Segment Start: Data for this task

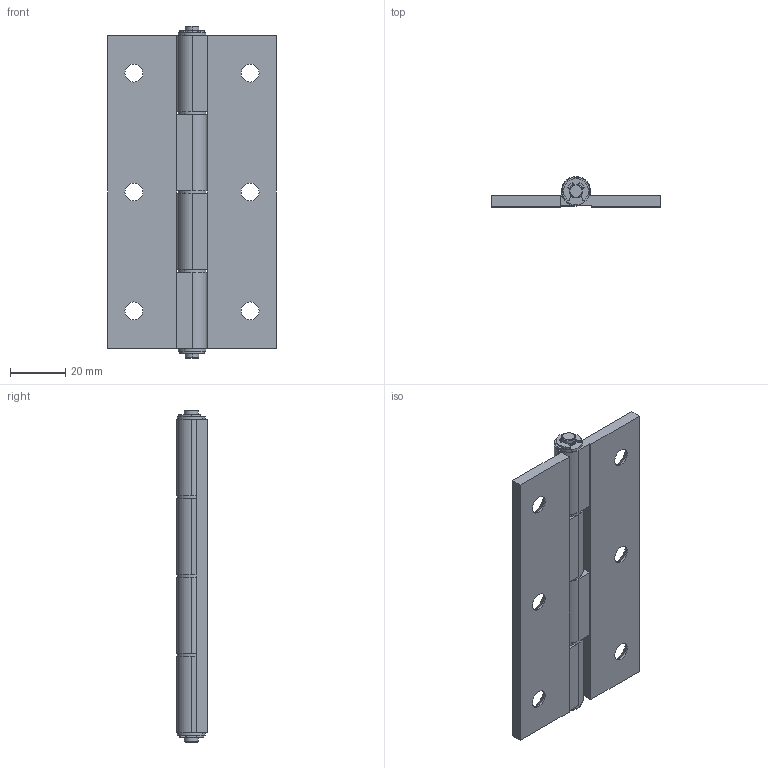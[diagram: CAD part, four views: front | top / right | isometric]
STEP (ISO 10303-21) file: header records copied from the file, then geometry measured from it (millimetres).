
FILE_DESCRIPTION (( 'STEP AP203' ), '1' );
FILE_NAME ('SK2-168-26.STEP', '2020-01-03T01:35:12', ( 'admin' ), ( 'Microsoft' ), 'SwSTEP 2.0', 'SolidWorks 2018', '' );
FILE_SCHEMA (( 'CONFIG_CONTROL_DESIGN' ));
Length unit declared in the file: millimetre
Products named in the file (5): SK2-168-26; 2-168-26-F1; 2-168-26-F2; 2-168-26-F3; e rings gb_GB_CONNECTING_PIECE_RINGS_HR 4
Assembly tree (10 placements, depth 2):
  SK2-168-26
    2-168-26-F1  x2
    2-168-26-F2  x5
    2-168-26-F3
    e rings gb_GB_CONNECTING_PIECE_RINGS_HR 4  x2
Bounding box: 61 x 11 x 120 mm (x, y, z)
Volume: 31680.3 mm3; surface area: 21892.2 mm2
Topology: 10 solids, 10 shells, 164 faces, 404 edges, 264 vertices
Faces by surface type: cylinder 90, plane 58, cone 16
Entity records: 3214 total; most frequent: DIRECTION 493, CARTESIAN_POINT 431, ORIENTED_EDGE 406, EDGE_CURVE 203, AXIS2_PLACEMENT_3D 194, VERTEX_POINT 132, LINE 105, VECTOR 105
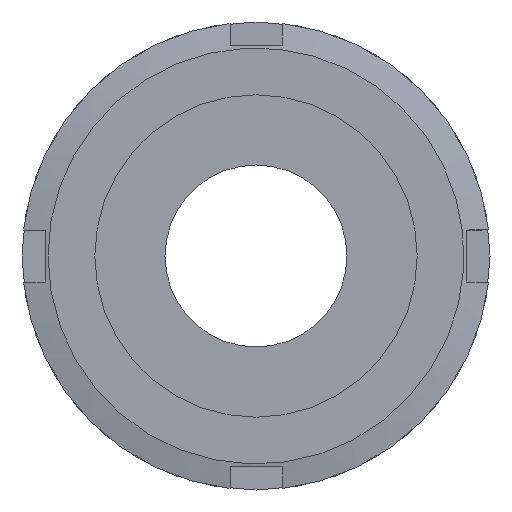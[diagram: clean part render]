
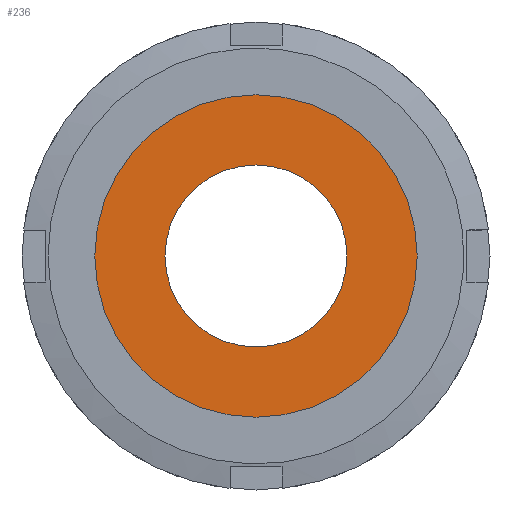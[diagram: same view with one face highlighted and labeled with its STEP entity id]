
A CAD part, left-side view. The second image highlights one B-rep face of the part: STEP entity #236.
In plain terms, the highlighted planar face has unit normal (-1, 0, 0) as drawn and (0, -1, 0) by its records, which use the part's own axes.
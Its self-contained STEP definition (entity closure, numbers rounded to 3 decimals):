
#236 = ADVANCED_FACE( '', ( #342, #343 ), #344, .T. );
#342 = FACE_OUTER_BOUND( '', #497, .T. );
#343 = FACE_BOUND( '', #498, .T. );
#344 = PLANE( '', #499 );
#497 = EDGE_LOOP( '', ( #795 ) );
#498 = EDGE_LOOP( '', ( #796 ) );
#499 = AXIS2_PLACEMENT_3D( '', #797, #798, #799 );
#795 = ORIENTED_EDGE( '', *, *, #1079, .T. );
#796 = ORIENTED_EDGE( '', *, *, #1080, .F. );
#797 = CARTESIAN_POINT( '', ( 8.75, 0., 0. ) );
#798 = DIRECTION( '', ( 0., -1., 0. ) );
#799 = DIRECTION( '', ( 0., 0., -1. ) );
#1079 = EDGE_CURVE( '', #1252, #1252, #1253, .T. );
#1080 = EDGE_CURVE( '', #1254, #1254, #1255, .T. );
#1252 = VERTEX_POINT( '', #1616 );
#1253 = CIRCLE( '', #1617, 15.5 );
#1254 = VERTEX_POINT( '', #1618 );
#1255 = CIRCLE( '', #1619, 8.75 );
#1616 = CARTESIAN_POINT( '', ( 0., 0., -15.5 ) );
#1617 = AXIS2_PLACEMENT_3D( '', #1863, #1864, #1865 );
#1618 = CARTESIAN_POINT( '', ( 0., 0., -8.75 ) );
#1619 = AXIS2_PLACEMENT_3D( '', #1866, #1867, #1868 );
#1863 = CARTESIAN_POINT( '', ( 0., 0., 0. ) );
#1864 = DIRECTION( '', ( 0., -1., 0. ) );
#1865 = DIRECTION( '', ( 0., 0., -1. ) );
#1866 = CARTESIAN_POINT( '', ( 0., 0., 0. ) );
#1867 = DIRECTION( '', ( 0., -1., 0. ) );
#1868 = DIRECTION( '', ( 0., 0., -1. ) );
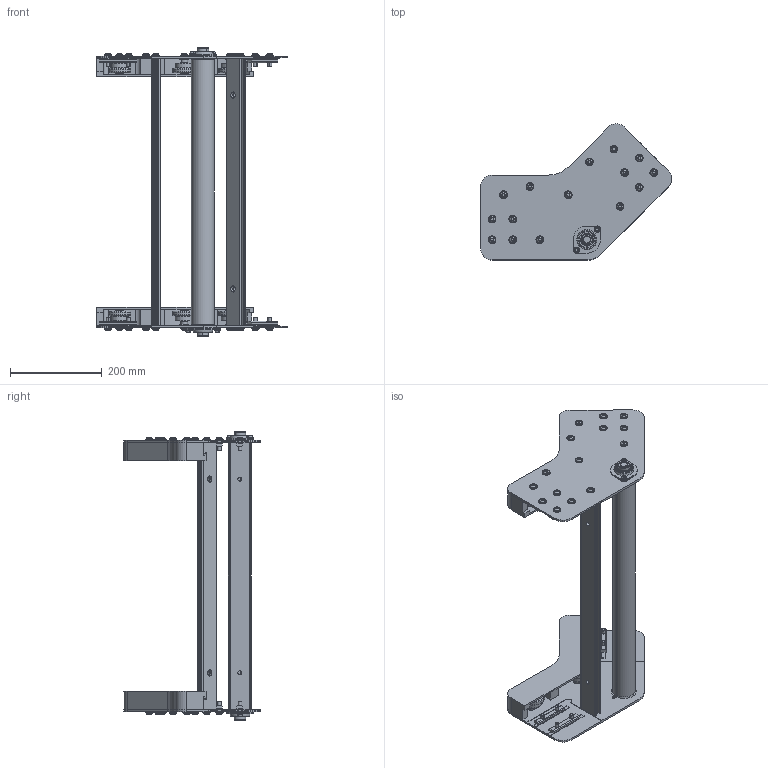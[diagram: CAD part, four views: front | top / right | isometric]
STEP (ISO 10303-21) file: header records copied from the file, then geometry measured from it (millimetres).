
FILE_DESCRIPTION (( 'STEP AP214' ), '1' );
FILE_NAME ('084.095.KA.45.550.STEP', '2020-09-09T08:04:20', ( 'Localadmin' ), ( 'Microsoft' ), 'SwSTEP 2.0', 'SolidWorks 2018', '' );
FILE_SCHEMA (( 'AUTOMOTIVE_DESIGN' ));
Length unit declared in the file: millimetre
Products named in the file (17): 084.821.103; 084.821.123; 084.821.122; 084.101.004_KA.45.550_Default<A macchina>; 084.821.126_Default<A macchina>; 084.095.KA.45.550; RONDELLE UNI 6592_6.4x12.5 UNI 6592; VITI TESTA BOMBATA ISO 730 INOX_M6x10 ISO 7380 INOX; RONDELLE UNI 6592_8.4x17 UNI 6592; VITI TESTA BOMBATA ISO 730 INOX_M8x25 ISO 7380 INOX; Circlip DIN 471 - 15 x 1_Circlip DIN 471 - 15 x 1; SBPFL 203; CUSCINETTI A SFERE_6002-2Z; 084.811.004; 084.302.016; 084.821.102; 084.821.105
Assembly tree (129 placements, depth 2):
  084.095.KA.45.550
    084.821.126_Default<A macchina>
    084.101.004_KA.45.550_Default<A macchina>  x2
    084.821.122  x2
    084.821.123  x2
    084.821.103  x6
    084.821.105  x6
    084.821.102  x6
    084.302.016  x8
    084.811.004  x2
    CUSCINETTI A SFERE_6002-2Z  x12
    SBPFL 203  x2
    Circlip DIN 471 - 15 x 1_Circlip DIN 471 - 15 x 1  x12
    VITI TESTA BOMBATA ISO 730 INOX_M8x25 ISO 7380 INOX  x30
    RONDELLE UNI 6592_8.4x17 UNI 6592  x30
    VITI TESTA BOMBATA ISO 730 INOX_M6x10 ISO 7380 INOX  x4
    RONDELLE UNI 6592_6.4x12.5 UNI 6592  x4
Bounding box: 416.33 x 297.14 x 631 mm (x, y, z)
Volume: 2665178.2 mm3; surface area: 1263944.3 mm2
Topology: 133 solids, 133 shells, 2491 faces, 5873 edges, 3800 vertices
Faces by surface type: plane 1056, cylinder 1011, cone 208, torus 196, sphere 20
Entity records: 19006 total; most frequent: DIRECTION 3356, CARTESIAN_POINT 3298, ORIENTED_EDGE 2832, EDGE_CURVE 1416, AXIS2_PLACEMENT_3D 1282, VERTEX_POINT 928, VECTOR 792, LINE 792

Segment End: Data for this task

= How to complete this task =
Nothing but a number should be given: the count of lines in the records that contain the word "DIRECTION".

= Result of the task =
8